Unlike LG's Optimus L7, which retails for $229 as a prepaid device through Optus, and the $79 Optimus L3 which sells through Telstra, the Optimus L9 will not be sold through one of Australia's big three carriers — Telstra, Optus or Vodafone.
LG Australia's General Manager of Marketing, Lambro Skropidis, had this to say about the Optimus L9:
"The Optimus L9 is a great smartphone and will appeal to discerning and extremely style driven consumers that are after a well featured premium handset with Android software."
"LG will continue to offer differentiated value throughout our handset range and the Optimus L9 is a fantastic example of the great feature set and technology we can deliver in a compelling price package."
The LG Optimus L9 has a 4.7in IPS screen, is powered by a dual-core processor and comes with a 5-megapixel camera. The screen is one of the largest on a prepaid Android phone sold in Australia and features a qHD resolution of 960x540. This is significantly higher than most other prepaid phones on the market.
The LG Optimus L9 has 4GB of internal memory and a microSD card slot for extra storage and also features a front-facing VGA camera for video calls.

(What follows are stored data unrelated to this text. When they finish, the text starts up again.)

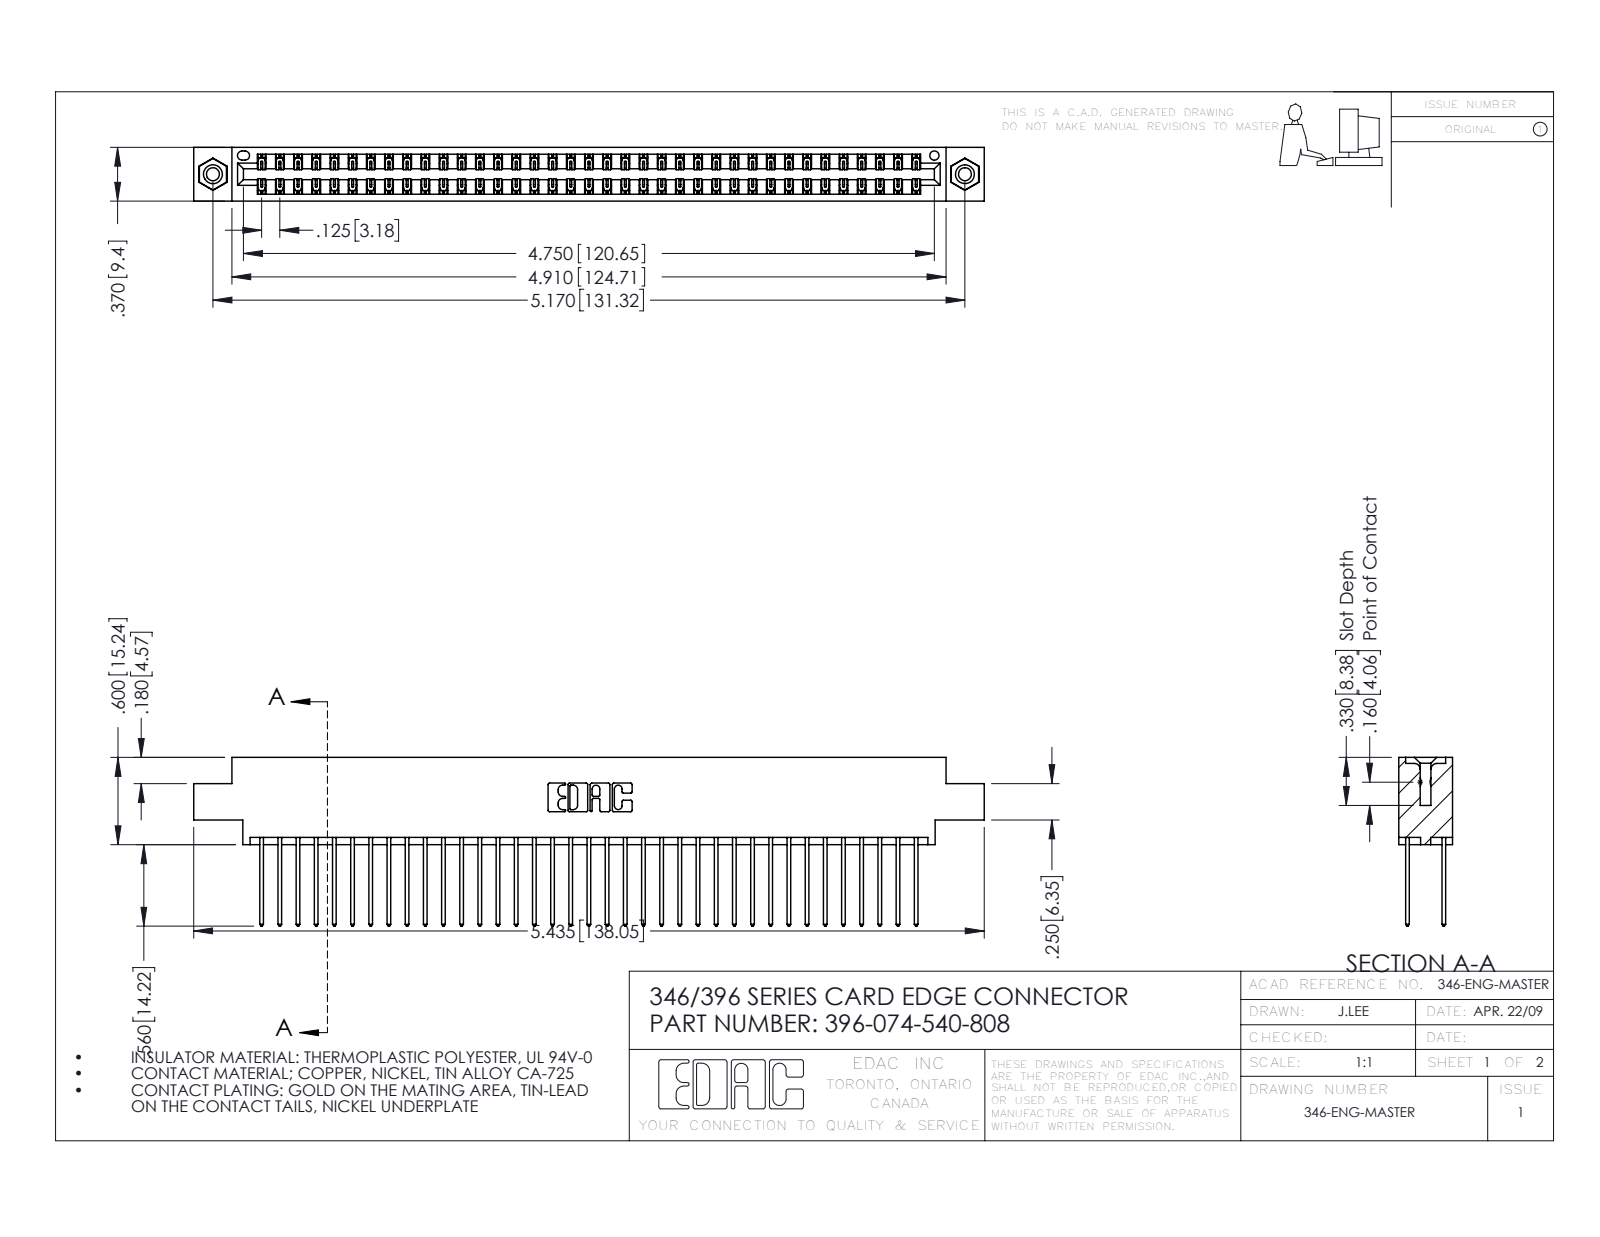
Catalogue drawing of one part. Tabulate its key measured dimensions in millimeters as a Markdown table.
| quantity | value |
| --- | --- |
| part name | 346 Part_0.170 Offset - 0.156 Dia-TI; 345-292-001_345-293-140; 345-250-001_345-250-003-102; 396-074-540-808 |
| STEP written by | SolidWorks 2016 (CONFIG_CONTROL_DESIGN) |
| units | millimeters |
| bodies | 77 solids, 4034 faces (2702 planar, 1316 cylindrical, 16 other) |
| overall size | 138 × 29.5 × 9.4 |
| volume | 13 500 mm³ |
| surface area | 20 060 mm² |
| round holes (diameter × count) | 2.3 × 2, 3.2 × 2, 4 × 2, 1.6 × 1 |
| round bosses / shafts (diameter × count) | 3.9 × 2 |
| partial cylindrical surfaces (radius × count) | 0.2 × 111, 0.3 × 74, 0.3 × 22, 0.2 × 6, 0.8 × 6, 0.7 × 3, 0.4 × 2, 0.6 × 2 |
| main face-to-face distances | 1.2, 8.2, 6.4, 1.8, 7.6, 0.6, 9.4, 7, 5.6, 3.8 |
| hole center spacings | 6.2, 126, 131.3 |

There are also two software features of note on the Optimus L9. The first is a redesigned keyboard called My Style Keypad, which allows users to change the key layout depending on whether they're using the phone with one hand or two.
In addition, a QTranslator app uses optical character recognition (OCR) to translate sentences and phrases into other languages by simply capturing a photo of text.
Earlier this year, LG admitted to PC World Australia that it had "dropped the ball" in smartphones in the last 12-18 months. At the time, the company promised to launch at least four 4G smartphones in Australia by early 2013 in a bid to turn around its fortunes.